There are a lot of apps for processing and reading ebooks, as well as various collections of libraries and dictionaries, so it's not a good idea to build similar apps like readers since there'll be severe competition.

As you can notice in the middle of this list there are quite a few apps built around the book Quran. Maybe it will be a good solution to wrap up a popular book (more recent or modern) in an app. It seems that it could be profitable for both the Google Play and the App Store markets. But we need to add some special features besides the raw version of the book to compete with other readers on the market.
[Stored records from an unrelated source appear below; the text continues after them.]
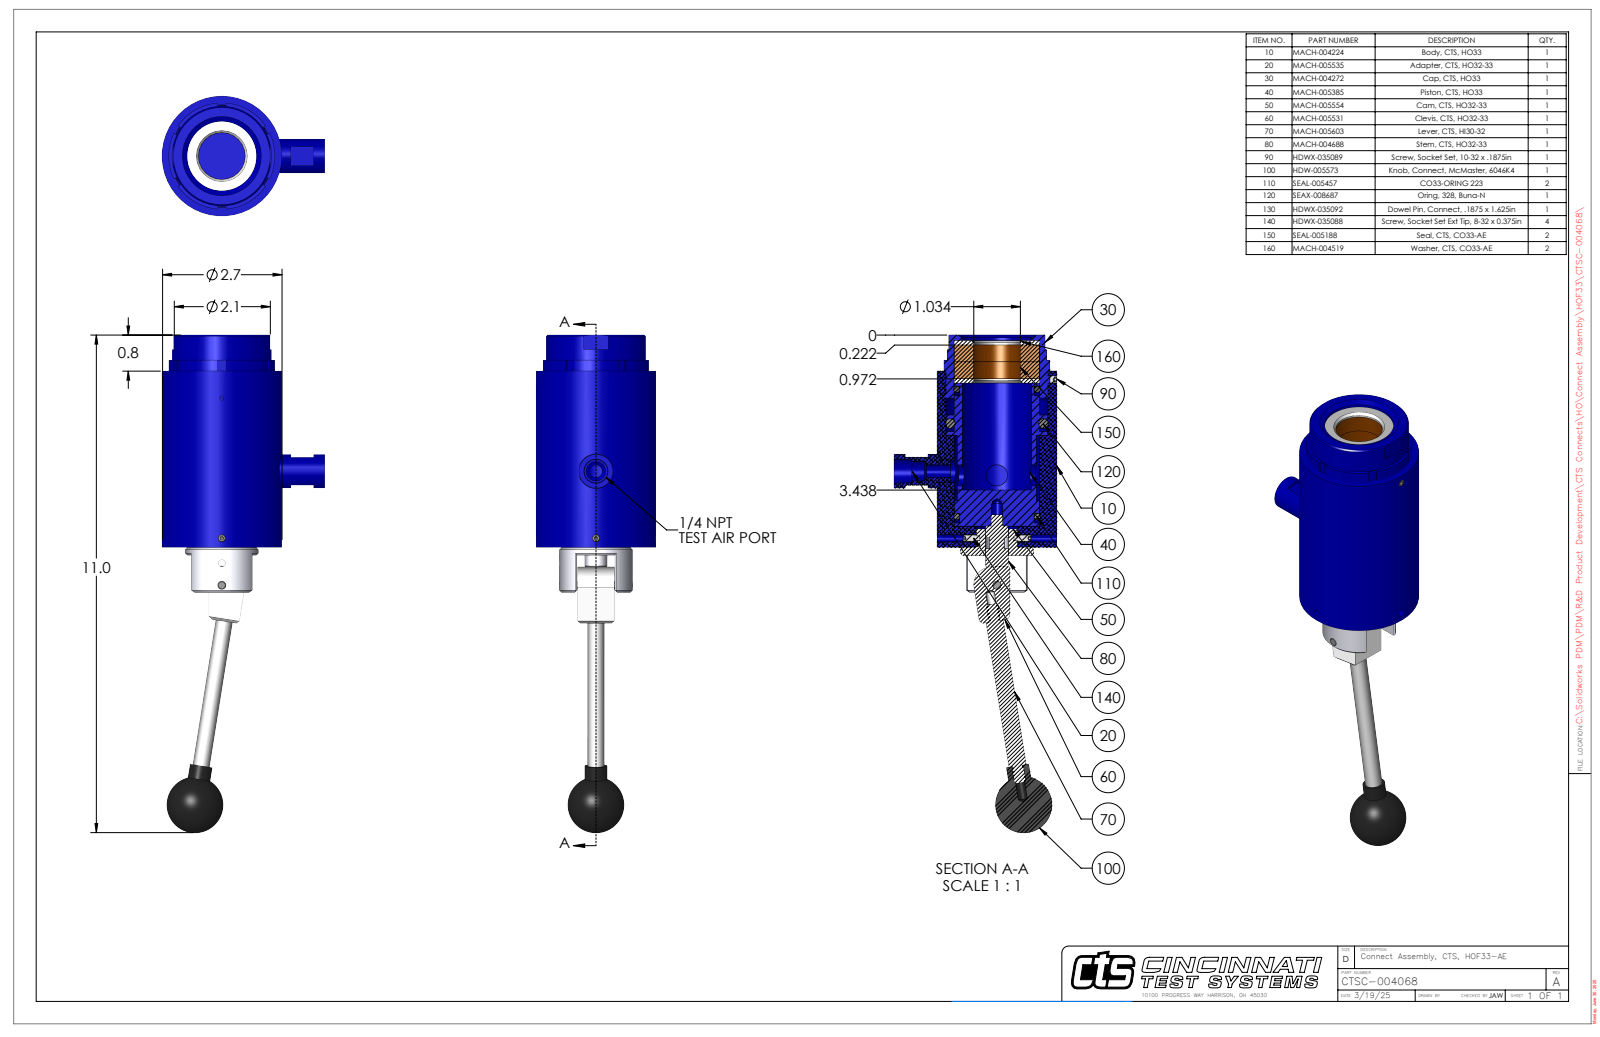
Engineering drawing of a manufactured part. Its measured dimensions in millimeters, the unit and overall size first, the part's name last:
Units: millimetres
Overall size (bounding box): 280.3 × 91.4 × 67.3
Round holes (diameter × count): ⌀5.1 ×3, ⌀4 ×2, ⌀11.9 ×2, ⌀2.4 ×1, ⌀4.8 ×1, ⌀4.8 ×1, ⌀6.4 ×1, ⌀7.1 ×1, ⌀11.1 ×1, ⌀12.7 ×1, ⌀13.1 ×1, ⌀13.5 ×1
Round bosses / shafts (diameter × count): ⌀19.1 ×2, ⌀12.7 ×2, ⌀4.2 ×2, ⌀2.8 ×2, ⌀67.3 ×1, ⌀59.5 ×1, ⌀55.9 ×1, ⌀47.9 ×1
Partial cylindrical surfaces — rounded edges, fillets, slot ends (radius × count): R9.8 ×1, R10.2 ×1, R28.7 ×1, R30.1 ×1
Main face-to-face distances: 21.4, 2.4, 19.1, 94.9, 113.9, 9.5, 9.5, 104.4, 11.9, 92.5
Hole centre spacings: 2.4, 12.4, 43.5, 49.4, 51.6, 54, 61.8, 92.9
Volume: 364 600 mm³ · Surface area: 90 060 mm²
Bodies: 15 solids, 546 faces (179 planar, 226 cylindrical, 141 other)
Part name (STEP PRODUCT): CTSC-004068
STEP written by: SolidWorks 2023 (AUTOMOTIVE_DESIGN)

This might include daily quotes from the book, an audio version of the book, quizzes, a really impressing design.

# Conclusion

In this project, I explored data about the App Store and Google Play market to find and come up with the appropriate recommendation for an app profile that can be profitable for both markets.
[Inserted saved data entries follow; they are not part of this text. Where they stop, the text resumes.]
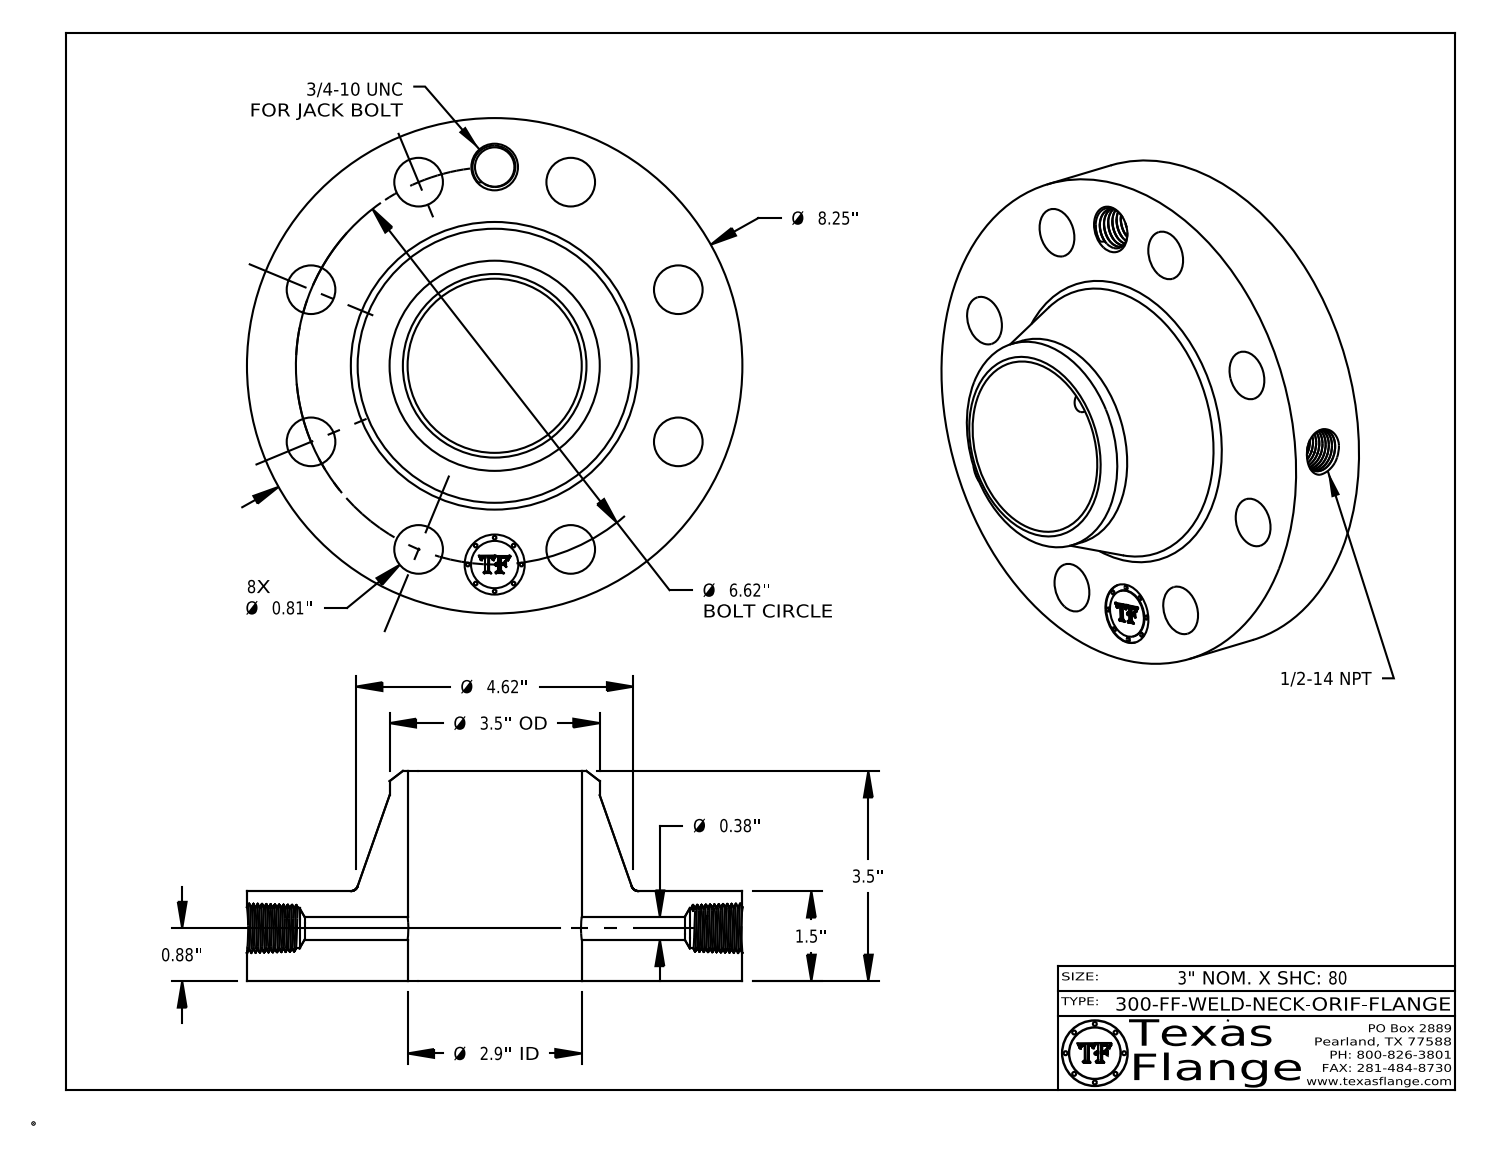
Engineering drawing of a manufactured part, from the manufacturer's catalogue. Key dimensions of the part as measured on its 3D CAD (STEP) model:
Part name (STEP PRODUCT): 300-FF-WELD-NECK
STEP written by: CATIA V5 STEP AP214 (AUTOMOTIVE_DESIGN)
Units: inches
Bodies: 1 solid, 766 faces (368 planar, 90 cylindrical, 308 other)
Overall size (bounding box): 8.25 × 8.25 × 3.5
Volume: 73.62 in³ · Surface area: 218.6 in²
Round holes (diameter × count): ⌀0.81 ×8, ⌀0.38 ×1, ⌀0.656 ×1, ⌀0.672 ×1, ⌀1 ×1, ⌀2.9 ×1
Round bosses / shafts (diameter × count): ⌀0.061 ×8, ⌀8.25 ×1, ⌀3.5 ×1, ⌀0.788 ×1
Main face-to-face distances: 1.5, 3.5, 2, 0.015, 1.485, 2.015, 0.298, 0.293, 0.054, 0.248
Hole centre spacings: 3.31, 4.681, 6.116, 6.62, 1.291, 2.533, 2.533, 3.678

The most interesting niches, how we concluded, are `Books and reference`, combined `Productivity` and `Health and Fitness`. We may take a popular book and turn it into an app with different features besides the raw version of the book. Also, we can design some task management app and include special sections concretely for fitness needs. It could be a plan for exercises, time-tables, diet recommendations, daily to-do things to keep up with a shape. Also, as possible, we can create a game app with in-app adds, but both markets are really saturated with it. It will be hard to design something fresh, gripping and compete with huge corporations of video games.